Watchtower ORGANIZATION Denies Sale
Rumors Say Heights Hotel May Be Transformed Into Student Housing
By Linda Collins
Brooklyn Daily Eagle
BROOKLYN HEIGHTS — The Watchtower Bible and Tract Society is denying it, but Brownstoner.com and subsequently Crain’s New York Business (online) reported Monday that the Bossert Hotel has sold for $100 million.
Robert Levine of RAL Development Services, who is the developer of One Brooklyn Bridge Park (also a former Watchtower property), is said to be the purchaser of the once famous hotel at a price “north of $100 million,” according to a tipster to Brownstoner.com.
Brownstoner also reported that, “Reached through his publicist, Levine had ‘no comment’ on the deal.”
Neither Levine nor his publicist responded to calls from the Eagle either, but a receptionist indicated Levine “is at the Bossert now.”
Richard Devine, a spokesperson for the Watchtower organization (also known as the Jehovah’s Witnesses), was emphatic when he told the Eagle Tuesday, “The Bossert has not been sold.”
He noted that he had heard the “buzz” on the blogs and Crain’s but said, “They never called us.”
According to Devine, there has been a lot of interest in the property. “Interest has been brisk,” he said.
Crain’s, commenting on the $100 million price tag, wrote, “That answers questions of whether a softening real estate market might keep the famed building from commanding a price tag over $100 million.”
That comment may not apply now, however, as Brownstoner later added a comment that the price tag was closer to $90 million. Its tipster “source” also indicated RAL may turn it into college student housing.
Other developers, however, have told the Eagle the Bossert would be ideal for upscale condominium development by gutting it.
As reported in the Eagle on Jan. 30, the 224-unit building at 98 Montague St. has been used as a residential building for the organization’s headquarters staff since it was acquired in 1988.
The units were described by Devine as “spacious one-bedroom apartments, along with studios.” It also has a few single rooms without kitchens for temporary guests and short-term volunteers, he said.

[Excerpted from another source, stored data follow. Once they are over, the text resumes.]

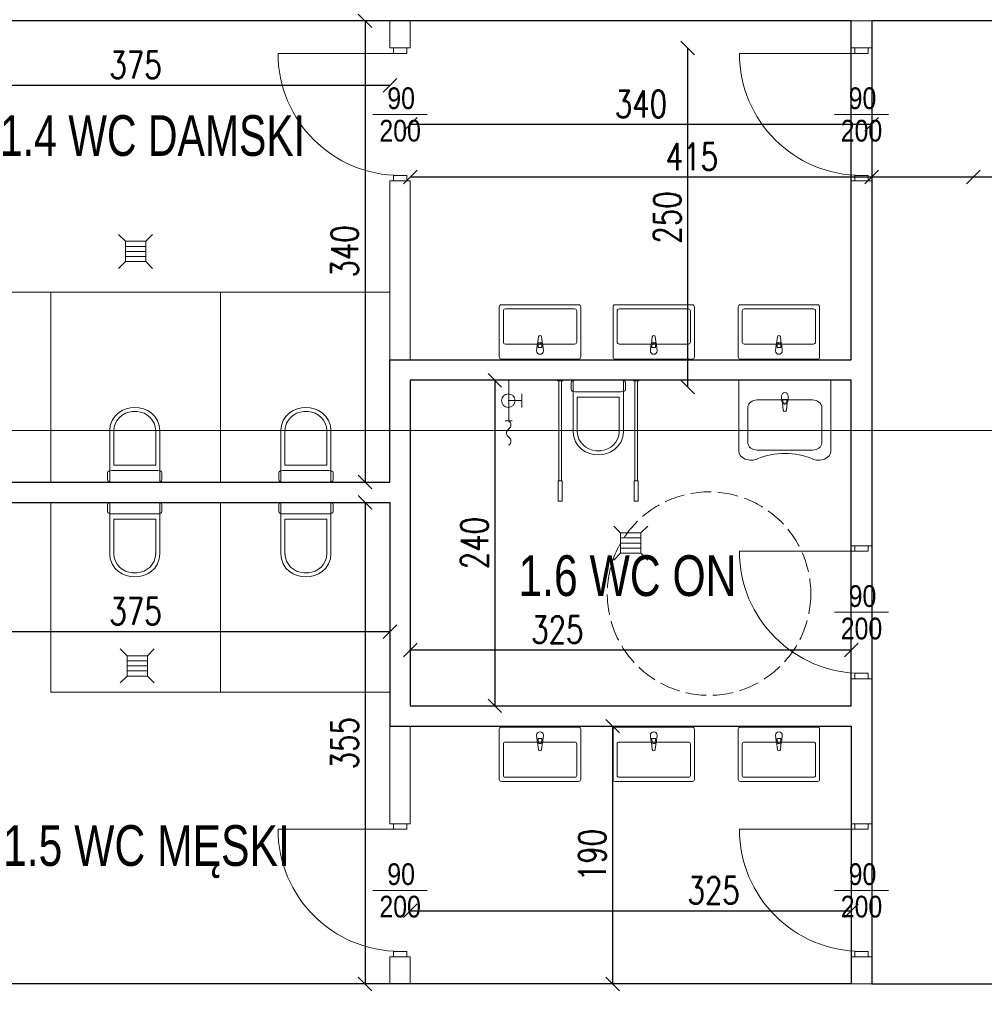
# Model space of a CAD drawing. Header units: metres. Extents: x 8472212 to 8494180, y 5728195 to 5779639.
# Tile 9 of 106: x 8476027 to 8476738, y 5730246 to 5730971. Entities that reach past the tile are written whole.
import ezdxf
from ezdxf.enums import TextEntityAlignment as Align

# ---------------------------------------------------------------- set-up
doc = ezdxf.new("R2010")
doc.units = ezdxf.units.M
doc.header["$MEASUREMENT"] = 0
doc.linetypes.add('7', pattern=[4, 3, -1])
doc.layers.get('0').update_dxf_attribs({"color": 250, "linetype": 'CONTINUOUS'})
doc.layers.get('Defpoints').update_dxf_attribs({"linetype": 'CONTINUOUS'})
doc.layers.add('!!powierzchnie', color=31, linetype='CONTINUOUS', plot=False)
for name, color, linetype, lineweight in [('!działowe', 253, 'CONTINUOUS', 13), ('!opisy', 255, 'CONTINUOUS', 9), ('!RZUTY ZABUDOWY HPL', 5, 'CONTINUOUS', 9), ('!ściany konstrukcyjne', 7, 'CONTINUOUS', 18), ('000 RZUTY STOLARKA DRZWIOWA WEW', 151, 'CONTINUOUS', 9), ('A_WYPOSAZENIE_Nr_pióra__21', 7, 'CONTINUOUS', 0), ('opisy', 2, 'CONTINUOUS', 5)]:
    doc.layers.add(name, color=color, linetype=linetype, lineweight=lineweight)
doc.layers.add('!montaz', color=253, linetype='CONTINUOUS', lineweight=9, transparency=0.5)
doc.layers.add('A_WYPOSAZENIE', color=7, linetype='CONTINUOUS')
doc.styles.add('opis mały', font='ARIALN.TTF', dxfattribs={"height": 16})
doc.styles.get("Standard").update_dxf_attribs({"font": 'Simplex.SHX', "width": 0.75})
doc.dimstyles.new('ISO-25', dxfattribs={"dimtxt": 20, "dimasz": 10, "dimexe": 1.25, "dimexo": 0.625, "dimgap": 5, "dimtad": 1, "dimdec": 0, "dimtxsty": 'Standard', "dimblk": 'OBLIQUE', "dimcen": 2.5, "dimse1": 1, "dimse2": 1, "dimadec": 0, "dimazin": 0, "dimtfac": 1, "dimtdec": 0, "dimtmove": 0, "dimatfit": 3, "dimfxl": 1, "dimarcsym": 0})

# ---------------------------------------------------------------- blocks, each defined once
blk = doc.blocks.new('Umywalka 20')
at = {"layer": 'A_WYPOSAZENIE_Nr_pióra__21', "color": 7, "linetype": 'Continuous', "lineweight": 0}
for p, q in [((-340, -522), (-340, -0.2)), ((-340, -0.2), (340, -0.2)), ((340, -0.2), (340, -522)), ((-204, -145.1), (204, -145.1)), ((-25, -116), (-21, -158)), ((-13.6, -155.8), (-13.6, -140.9)), ((-13.6, -140.9), (13.6, -140.9)), ((13.6, -140.9), (13.6, -155.8)), ((21, -158), (25, -116)), ((-272, -195.9), (-272, -464)), ((-17.7, -167.5), (-11.1, -220.4)), ((11.1, -220.4), (17.7, -167.5)), ((272, -464), (272, -195.9)), ((-204, -514.8), (204, -514.8))]:
    blk.add_line(p, q, dxfattribs=at)
for centre, radius, start, end in [((0, -116), 25, 0, 180), ((0, -156.1), 21.1, 185.16961, 212.77103), ((0, -156.1), 21.1, 212.77103, 327.22897), ((0, -155.8), 13.6, 180, 0), ((0, -156.1), 21.1, 327.22897, 354.83039), ((0, -219), 11.2, 187.13892, 352.86108)]:
    blk.add_arc(centre, radius, start, end, dxfattribs=at)
for centre, major_axis, start_param, end_param in [((-202.5, -197), (69.5, 0), 1.592282, 3.120107), ((202.5, -197), (69.5, 0), 0.021486, 1.549311), ((-202.5, -462.9), (69.5, 0), 3.163078, 4.690903), ((202.5, -462.9), (69.5, 0), 4.733875, 6.2617), ((-249.8, -522), (90.2, 0), 3.141593, 5.289261), ((0, -841.3), (405.3, 0), 1.046808, 2.098245), ((249.8, -522), (90.2, 0), 4.135517, 6.283185)]:
    blk.add_ellipse(centre, major_axis=major_axis, ratio=0.746013, start_param=start_param, end_param=end_param, dxfattribs=at)
blk = doc.blocks.new('WC dla niepełnosprawnych 19')
at = {"layer": 'A_WYPOSAZENIE_Nr_pióra__21', "color": 7, "linetype": 'Continuous', "lineweight": 0}
for p, q in [((-260, 0), (-300, 0)), ((-300, 0), (-300, -5)), ((-260, -5), (-260, 0)), ((185, 0), (-185, 0)), ((-185, 0), (-185, -380)), ((-170, 0), (-181.5, -1.2)), ((170, 0), (-170, 0)), ((181.5, -1.2), (170, 0)), ((185, -380), (185, 0)), ((300, 0), (260, 0)), ((260, 0), (260, -5)), ((300, -5), (300, 0)), ((-300, -5), (-260, -5)), ((-290, -5), (-290, -740)), ((-270, -5), (-290, -5)), ((-270, -740), (-270, -5)), ((-197.7, -9.4), (-200, -15.2)), ((-200, -15.2), (-200, -69.8)), ((-200, -69.8), (-197.7, -75.6)), ((-191.2, -4.4), (-197.7, -9.4)), ((-181.5, -1.2), (-191.2, -4.4)), ((191.2, -4.4), (181.5, -1.2)), ((197.7, -9.4), (191.2, -4.4)), ((200, -15.2), (197.7, -9.4)), ((197.7, -75.6), (200, -69.8)), ((200, -69.8), (200, -15.2)), ((260, -5), (300, -5)), ((270, -5), (270, -740)), ((290, -5), (270, -5)), ((290, -740), (290, -5)), ((-197.7, -75.6), (-191.2, -80.6)), ((-191.2, -80.6), (-181.5, -83.8)), ((-181.5, -83.8), (-170, -85)), ((-170, -85), (170, -85)), ((0, -124.9), (-155, -124.9)), ((-155, -124.9), (-155, -379.9)), ((155, -124.9), (0, -124.9)), ((155, -379.9), (155, -124.9)), ((170, -85), (181.5, -83.8)), ((181.5, -83.8), (191.2, -80.6)), ((191.2, -80.6), (197.7, -75.6)), ((-185, -380), (-180.7, -417.3)), ((-180.7, -417.3), (-167.8, -452.7)), ((167.8, -452.7), (180.7, -417.3)), ((180.7, -417.3), (185, -380)), ((-167.8, -452.7), (-147.3, -484.1)), ((-147.3, -484.1), (-120, -510)), ((120, -510), (147.3, -484.1)), ((147.3, -484.1), (167.8, -452.7)), ((-120, -510), (-92.8, -527.2)), ((-92.8, -527.2), (-63.2, -539.7)), ((-63.2, -539.7), (-32, -547.4)), ((-32, -547.4), (0, -550)), ((-15.6, -519.2), (15.6, -519.2)), ((0, -550), (32, -547.4)), ((32, -547.4), (63.2, -539.7)), ((63.2, -539.7), (92.8, -527.2)), ((92.8, -527.2), (120, -510)), ((-295, -740), (-295, -890)), ((-265, -740), (-295, -740)), ((-290, -740), (-270, -740)), ((-265, -890), (-265, -740)), ((265, -740), (265, -890)), ((295, -740), (265, -740)), ((270, -740), (290, -740)), ((295, -890), (295, -740)), ((-295, -890), (-265, -890)), ((265, -890), (295, -890))]:
    blk.add_line(p, q, dxfattribs=at)
for centre, start, end in [((-8.9, -373.1), 182.66001, 267.38831), ((8.9, -373.1), 272.61169, 357.33999)]:
    blk.add_arc(centre, 146.2, start, end, dxfattribs=at)
for p in [(155, -379.9), (-15.6, -519.2)]:
    blk.add_point(p, dxfattribs=at)
blk = doc.blocks.new('WC 20')
at = {"layer": 'A_WYPOSAZENIE_Nr_pióra__21', "color": 7, "linetype": 'Continuous', "lineweight": 0}
for p, q in [((185, 0), (-185, 0)), ((-185, 0), (-185, -380)), ((-170, 0), (-181.5, -1.2)), ((170, 0), (-170, 0)), ((181.5, -1.2), (170, 0)), ((185, -380), (185, 0)), ((-197.7, -9.4), (-200, -15.2)), ((-200, -15.2), (-200, -69.8)), ((-200, -69.8), (-197.7, -75.6)), ((-191.2, -4.4), (-197.7, -9.4)), ((-181.5, -1.2), (-191.2, -4.4)), ((191.2, -4.4), (181.5, -1.2)), ((197.7, -9.4), (191.2, -4.4)), ((200, -15.2), (197.7, -9.4)), ((197.7, -75.6), (200, -69.8)), ((200, -69.8), (200, -15.2)), ((-197.7, -75.6), (-191.2, -80.6)), ((-191.2, -80.6), (-181.5, -83.8)), ((-181.5, -83.8), (-170, -85)), ((-170, -85), (170, -85)), ((0, -124.9), (-155, -124.9)), ((-155, -124.9), (-155, -379.9)), ((155, -124.9), (0, -124.9)), ((155, -379.9), (155, -124.9)), ((170, -85), (181.5, -83.8)), ((181.5, -83.8), (191.2, -80.6)), ((191.2, -80.6), (197.7, -75.6)), ((-185, -380), (-180.7, -417.3)), ((-180.7, -417.3), (-167.8, -452.7)), ((167.8, -452.7), (180.7, -417.3)), ((180.7, -417.3), (185, -380)), ((-167.8, -452.7), (-147.3, -484.1)), ((-147.3, -484.1), (-120, -510)), ((120, -510), (147.3, -484.1)), ((147.3, -484.1), (167.8, -452.7)), ((-120, -510), (-92.8, -527.2)), ((-92.8, -527.2), (-63.2, -539.7)), ((-63.2, -539.7), (-32, -547.4)), ((-32, -547.4), (0, -550)), ((-15.6, -519.2), (15.6, -519.2)), ((0, -550), (32, -547.4)), ((32, -547.4), (63.2, -539.7)), ((63.2, -539.7), (92.8, -527.2)), ((92.8, -527.2), (120, -510))]:
    blk.add_line(p, q, dxfattribs=at)
for centre, start, end in [((-8.9, -373.1), 182.66001, 267.38831), ((8.9, -373.1), 272.61169, 357.33999)]:
    blk.add_arc(centre, 146.2, start, end, dxfattribs=at)
for p in [(155, -379.9), (-15.6, -519.2)]:
    blk.add_point(p, dxfattribs=at)
blk = doc.blocks.new('Umywalka 20_2')
at = {"layer": 'A_WYPOSAZENIE_Nr_pióra__21', "color": 7, "linetype": 'Continuous', "lineweight": 0}
for p, q in [((-285, 0), (285, 0)), ((-300, -385), (-300, -15)), ((-25, -60), (-21, -102)), ((21, -102), (25, -60)), ((300, -15), (300, -385)), ((-270, -355), (-270, -125)), ((-255, -110), (255, -110)), ((-17.7, -111.5), (-11.1, -164.4)), ((-13.6, -99.8), (-13.6, -84.9)), ((-13.6, -84.9), (13.6, -84.9)), ((11.1, -164.4), (17.7, -111.5)), ((13.6, -84.9), (13.6, -99.8)), ((270, -125), (270, -355)), ((285, -400), (-285, -400)), ((255, -370), (-255, -370))]:
    blk.add_line(p, q, dxfattribs=at)
for centre, radius, start, end in [((-285, -15), 15, 90, 180), ((285, -15), 15, 0, 90), ((0, -60), 25, 0, 180), ((-255, -125), 15, 90, 180), ((0, -100.1), 21.1, 185.16961, 212.77103), ((0, -100.1), 21.1, 212.77103, 327.22897), ((0, -99.8), 13.6, 180, 0), ((0, -100.1), 21.1, 327.22897, 354.83039), ((255, -125), 15, 0, 90), ((0, -163), 11.2, 187.13892, 352.86108), ((-255, -355), 15, 180, 270), ((255, -355), 15, 270, 0), ((-285, -385), 15, 180, 270), ((285, -385), 15, 270, 0)]:
    blk.add_arc(centre, radius, start, end, dxfattribs=at)
blk = doc.blocks.new('_Oblique')
at = {"color": 0, "linetype": 'ByBlock', "lineweight": -2}
blk.add_line((-0.5, -0.5), (0.5, 0.5), dxfattribs=at)
blk = doc.blocks.new('*D476')
at = {"layer": '!opisy', "color": 0, "linetype": 'Continuous', "lineweight": -2, "transparency": 16777216}
blk.add_line((8475874.53, 5732151.46), (8476274.53, 5732151.46), dxfattribs=at)
at = {"layer": 'Defpoints', "color": 0, "linetype": 'Continuous', "transparency": 16777216}
for p in [(8476274.53, 5732151.46), (8475874.53, 5730861.99), (8476274.53, 5730861.99)]:
    blk.add_point(p, dxfattribs=at)
at = {"layer": '!opisy', "color": 0, "linetype": 'Continuous', "lineweight": -2, "transparency": 16777216, "xscale": 10, "yscale": 10, "zscale": 10, "rotation": 180}
blk.add_blockref('_Oblique', (8475874.53, 5732151.46), dxfattribs=at)
at = {"layer": '!opisy', "color": 0, "linetype": 'Continuous', "lineweight": -2, "transparency": 16777216, "xscale": 10, "yscale": 10, "zscale": 10}
blk.add_blockref('_Oblique', (8476274.53, 5732151.46), dxfattribs=at)
at = {"layer": '!opisy', "color": 0, "linetype": 'Continuous', "transparency": 16777216, "insert": (8476074.53, 5732166.46), "char_height": 20, "attachment_point": 5}
blk.add_mtext('400', dxfattribs=at)
blk = doc.blocks.new('*D491')
at = {"layer": '!opisy', "color": 0, "linetype": 'Continuous', "lineweight": -2, "transparency": 16777216}
blk.add_line((8476654.53, 5730855.39), (8477069.53, 5730855.39), dxfattribs=at)
at = {"layer": 'Defpoints', "color": 0, "linetype": 'Continuous', "transparency": 16777216}
for p in [(8477069.53, 5730855.39), (8476654.53, 5730280.52), (8477069.53, 5730280.52)]:
    blk.add_point(p, dxfattribs=at)
at = {"layer": '!opisy', "color": 0, "linetype": 'Continuous', "lineweight": -2, "transparency": 16777216, "xscale": 10, "yscale": 10, "zscale": 10, "rotation": 180}
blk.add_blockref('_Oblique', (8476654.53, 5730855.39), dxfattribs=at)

“The building, as originally conceived by Louis Bossert [built in 1909], was as a residential hotel, so it has always been a combination transient and residential hotel,” Devine said.
As has been its custom in selling other Heights’ properties, the Watchtower attached no asking price to the Bossert and said it was “seeking bids and a private transaction.”
According to a Watchtower fact sheet, the Italian Renaissance Revival-style building was built by lumber magnate Louis Bossert as an elegant apartment hotel in 1909 and extended back to Remsen Street in 1912.
It notes that Francis Morrone, in his book, An Architectural Guidebook to Brooklyn, said it was described as “the Waldorf-Astoria of Brooklyn.”